[Entries taken from a collection]
BEGIN

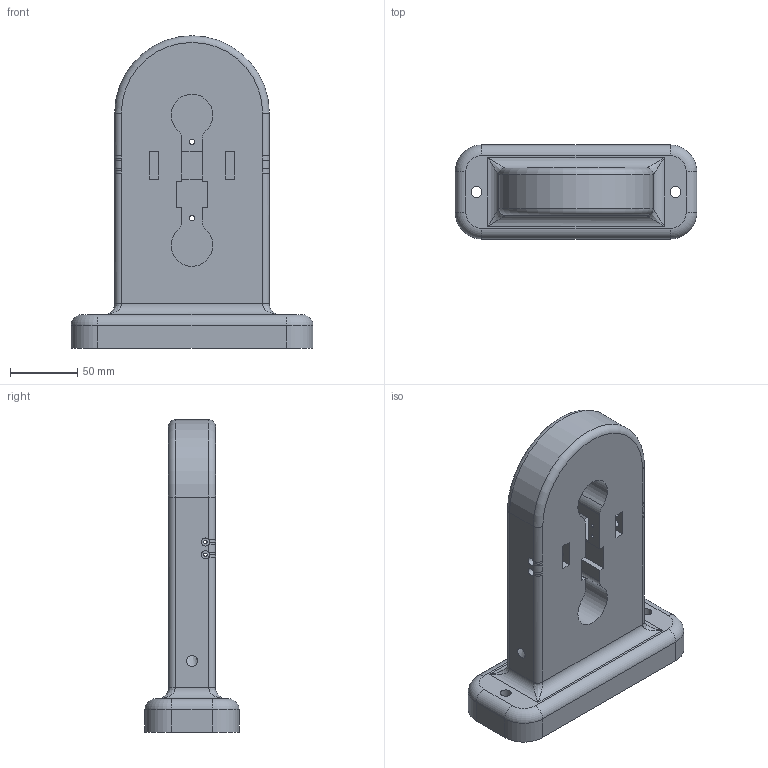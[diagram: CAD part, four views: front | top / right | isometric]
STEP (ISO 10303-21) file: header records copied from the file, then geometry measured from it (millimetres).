
FILE_DESCRIPTION(('FreeCAD Model'),'2;1');
FILE_NAME('Open CASCADE Shape Model','2026-10-05T10:56:13',(''),(''), 'Open CASCADE STEP processor 7.8','FreeCAD','Unknown');
FILE_SCHEMA(('AUTOMOTIVE_DESIGN { 1 0 10303 214 1 1 1 1 }'));
Length unit declared in the file: millimetre
Products named in the file (1): re designed end stands
Bounding box: 180 x 70 x 232.5 mm (x, y, z)
Volume: 981519.5 mm3; surface area: 107654.1 mm2
Topology: 1 solids, 1 shells, 95 faces, 255 edges, 156 vertices
Faces by surface type: cylinder 41, plane 37, bspline 10, torus 6, extrusion 1
Full cylindrical faces by diameter (mm): 2.5 x4, 4 x2, 6 x4, 8 x4
Entity records: 3551 total; most frequent: CARTESIAN_POINT 1192, ORIENTED_EDGE 502, DIRECTION 468, EDGE_CURVE 251, AXIS2_PLACEMENT_3D 163, VERTEX_POINT 156, VECTOR 142, LINE 141

END

__What the exercise asks__. Please return all of the entries word for word, excluding the pictures.

__Solution__.
[diagram: CAD part, four views: front | top / right | isometric]
STEP (ISO 10303-21) file: header records copied from the file, then geometry measured from it (millimetres).
FILE_DESCRIPTION(('FreeCAD Model'),'2;1');
FILE_NAME('Open CASCADE Shape Model','2026-10-05T10:56:13',(''),(''), 'Open CASCADE STEP processor 7.8','FreeCAD','Unknown');
FILE_SCHEMA(('AUTOMOTIVE_DESIGN { 1 0 10303 214 1 1 1 1 }'));
Length unit declared in the file: millimetre
Products named in the file (1): re designed end stands
Bounding box: 180 x 70 x 232.5 mm (x, y, z)
Volume: 981519.5 mm3; surface area: 107654.1 mm2
Topology: 1 solids, 1 shells, 95 faces, 255 edges, 156 vertices
Faces by surface type: cylinder 41, plane 37, bspline 10, torus 6, extrusion 1
Full cylindrical faces by diameter (mm): 2.5 x4, 4 x2, 6 x4, 8 x4
Entity records: 3551 total; most frequent: CARTESIAN_POINT 1192, ORIENTED_EDGE 502, DIRECTION 468, EDGE_CURVE 251, AXIS2_PLACEMENT_3D 163, VERTEX_POINT 156, VECTOR 142, LINE 141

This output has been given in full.